** Task to complete **
Your task is to restate every entry below word for word and omit the images.

[Given data]

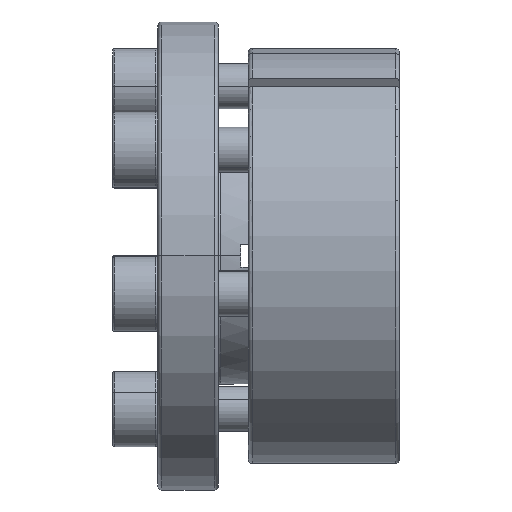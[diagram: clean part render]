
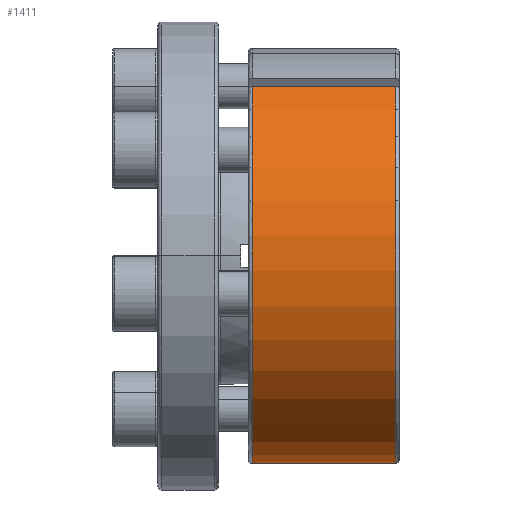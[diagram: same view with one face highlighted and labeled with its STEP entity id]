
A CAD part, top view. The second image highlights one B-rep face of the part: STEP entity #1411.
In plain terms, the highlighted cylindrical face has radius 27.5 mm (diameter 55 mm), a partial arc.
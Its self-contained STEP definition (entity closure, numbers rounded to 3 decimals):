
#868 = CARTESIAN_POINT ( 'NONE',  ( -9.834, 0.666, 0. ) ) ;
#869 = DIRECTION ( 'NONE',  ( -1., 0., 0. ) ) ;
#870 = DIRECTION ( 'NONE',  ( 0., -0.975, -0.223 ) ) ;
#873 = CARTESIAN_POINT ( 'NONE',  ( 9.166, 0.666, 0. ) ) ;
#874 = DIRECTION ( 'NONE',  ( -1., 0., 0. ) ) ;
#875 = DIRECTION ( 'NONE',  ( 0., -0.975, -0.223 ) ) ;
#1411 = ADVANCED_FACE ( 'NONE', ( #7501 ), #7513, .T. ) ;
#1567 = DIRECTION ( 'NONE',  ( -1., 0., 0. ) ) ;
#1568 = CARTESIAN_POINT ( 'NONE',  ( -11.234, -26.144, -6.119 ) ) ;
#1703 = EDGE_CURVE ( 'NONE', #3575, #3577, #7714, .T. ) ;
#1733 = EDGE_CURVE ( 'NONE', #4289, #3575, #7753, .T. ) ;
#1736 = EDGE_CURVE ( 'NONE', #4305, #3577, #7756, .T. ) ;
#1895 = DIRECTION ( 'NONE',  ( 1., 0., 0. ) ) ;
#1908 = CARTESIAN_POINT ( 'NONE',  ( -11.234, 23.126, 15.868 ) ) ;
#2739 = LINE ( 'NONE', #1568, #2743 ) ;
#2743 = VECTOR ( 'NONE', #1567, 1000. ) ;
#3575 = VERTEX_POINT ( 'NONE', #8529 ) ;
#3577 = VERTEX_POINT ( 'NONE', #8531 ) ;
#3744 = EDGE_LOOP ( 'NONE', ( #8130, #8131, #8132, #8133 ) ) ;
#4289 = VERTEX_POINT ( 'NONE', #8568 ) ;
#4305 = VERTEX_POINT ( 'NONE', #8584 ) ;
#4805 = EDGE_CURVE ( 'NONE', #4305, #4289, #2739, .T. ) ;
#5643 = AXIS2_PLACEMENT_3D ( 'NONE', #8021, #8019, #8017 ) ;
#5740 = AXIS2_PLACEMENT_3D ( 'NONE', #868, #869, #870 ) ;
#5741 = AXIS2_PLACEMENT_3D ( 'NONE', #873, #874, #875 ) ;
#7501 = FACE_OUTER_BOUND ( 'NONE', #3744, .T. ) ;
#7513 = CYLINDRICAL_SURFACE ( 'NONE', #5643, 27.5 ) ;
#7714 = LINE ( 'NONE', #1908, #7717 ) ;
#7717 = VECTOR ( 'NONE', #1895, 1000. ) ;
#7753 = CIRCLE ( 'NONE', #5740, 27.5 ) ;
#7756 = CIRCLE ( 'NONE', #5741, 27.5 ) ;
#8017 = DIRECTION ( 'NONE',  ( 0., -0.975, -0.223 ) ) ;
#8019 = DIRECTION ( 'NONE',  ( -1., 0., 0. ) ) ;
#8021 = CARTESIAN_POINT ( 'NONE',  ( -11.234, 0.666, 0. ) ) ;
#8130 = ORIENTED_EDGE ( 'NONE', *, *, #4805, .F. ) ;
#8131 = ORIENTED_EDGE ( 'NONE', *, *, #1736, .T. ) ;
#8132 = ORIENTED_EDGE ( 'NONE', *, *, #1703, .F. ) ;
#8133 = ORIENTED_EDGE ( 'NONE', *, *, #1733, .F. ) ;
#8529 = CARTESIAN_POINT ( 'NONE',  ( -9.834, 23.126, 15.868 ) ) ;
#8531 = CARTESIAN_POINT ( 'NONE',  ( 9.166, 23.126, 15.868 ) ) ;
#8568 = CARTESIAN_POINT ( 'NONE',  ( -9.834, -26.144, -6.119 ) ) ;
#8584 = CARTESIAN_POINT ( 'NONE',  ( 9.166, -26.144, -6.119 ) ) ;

[/Given data]

** Reply **
[diagram: clean part render]
[diagram: same view with one face highlighted and labeled with its STEP entity id]
A CAD part, top view. The second image highlights one B-rep face of the part: STEP entity #1411.
In plain terms, the highlighted cylindrical face has radius 27.5 mm (diameter 55 mm), a partial arc.
Its self-contained STEP definition (entity closure, numbers rounded to 3 decimals):
#868 = CARTESIAN_POINT ( 'NONE',  ( -9.834, 0.666, 0. ) ) ;
#869 = DIRECTION ( 'NONE',  ( -1., 0., 0. ) ) ;
#870 = DIRECTION ( 'NONE',  ( 0., -0.975, -0.223 ) ) ;
#873 = CARTESIAN_POINT ( 'NONE',  ( 9.166, 0.666, 0. ) ) ;
#874 = DIRECTION ( 'NONE',  ( -1., 0., 0. ) ) ;
#875 = DIRECTION ( 'NONE',  ( 0., -0.975, -0.223 ) ) ;
#1411 = ADVANCED_FACE ( 'NONE', ( #7501 ), #7513, .T. ) ;
#1567 = DIRECTION ( 'NONE',  ( -1., 0., 0. ) ) ;
#1568 = CARTESIAN_POINT ( 'NONE',  ( -11.234, -26.144, -6.119 ) ) ;
#1703 = EDGE_CURVE ( 'NONE', #3575, #3577, #7714, .T. ) ;
#1733 = EDGE_CURVE ( 'NONE', #4289, #3575, #7753, .T. ) ;
#1736 = EDGE_CURVE ( 'NONE', #4305, #3577, #7756, .T. ) ;
#1895 = DIRECTION ( 'NONE',  ( 1., 0., 0. ) ) ;
#1908 = CARTESIAN_POINT ( 'NONE',  ( -11.234, 23.126, 15.868 ) ) ;
#2739 = LINE ( 'NONE', #1568, #2743 ) ;
#2743 = VECTOR ( 'NONE', #1567, 1000. ) ;
#3575 = VERTEX_POINT ( 'NONE', #8529 ) ;
#3577 = VERTEX_POINT ( 'NONE', #8531 ) ;
#3744 = EDGE_LOOP ( 'NONE', ( #8130, #8131, #8132, #8133 ) ) ;
#4289 = VERTEX_POINT ( 'NONE', #8568 ) ;
#4305 = VERTEX_POINT ( 'NONE', #8584 ) ;
#4805 = EDGE_CURVE ( 'NONE', #4305, #4289, #2739, .T. ) ;
#5643 = AXIS2_PLACEMENT_3D ( 'NONE', #8021, #8019, #8017 ) ;
#5740 = AXIS2_PLACEMENT_3D ( 'NONE', #868, #869, #870 ) ;
#5741 = AXIS2_PLACEMENT_3D ( 'NONE', #873, #874, #875 ) ;
#7501 = FACE_OUTER_BOUND ( 'NONE', #3744, .T. ) ;
#7513 = CYLINDRICAL_SURFACE ( 'NONE', #5643, 27.5 ) ;
#7714 = LINE ( 'NONE', #1908, #7717 ) ;
#7717 = VECTOR ( 'NONE', #1895, 1000. ) ;
#7753 = CIRCLE ( 'NONE', #5740, 27.5 ) ;
#7756 = CIRCLE ( 'NONE', #5741, 27.5 ) ;
#8017 = DIRECTION ( 'NONE',  ( 0., -0.975, -0.223 ) ) ;
#8019 = DIRECTION ( 'NONE',  ( -1., 0., 0. ) ) ;
#8021 = CARTESIAN_POINT ( 'NONE',  ( -11.234, 0.666, 0. ) ) ;
#8130 = ORIENTED_EDGE ( 'NONE', *, *, #4805, .F. ) ;
#8131 = ORIENTED_EDGE ( 'NONE', *, *, #1736, .T. ) ;
#8132 = ORIENTED_EDGE ( 'NONE', *, *, #1703, .F. ) ;
#8133 = ORIENTED_EDGE ( 'NONE', *, *, #1733, .F. ) ;
#8529 = CARTESIAN_POINT ( 'NONE',  ( -9.834, 23.126, 15.868 ) ) ;
#8531 = CARTESIAN_POINT ( 'NONE',  ( 9.166, 23.126, 15.868 ) ) ;
#8568 = CARTESIAN_POINT ( 'NONE',  ( -9.834, -26.144, -6.119 ) ) ;
#8584 = CARTESIAN_POINT ( 'NONE',  ( 9.166, -26.144, -6.119 ) ) ;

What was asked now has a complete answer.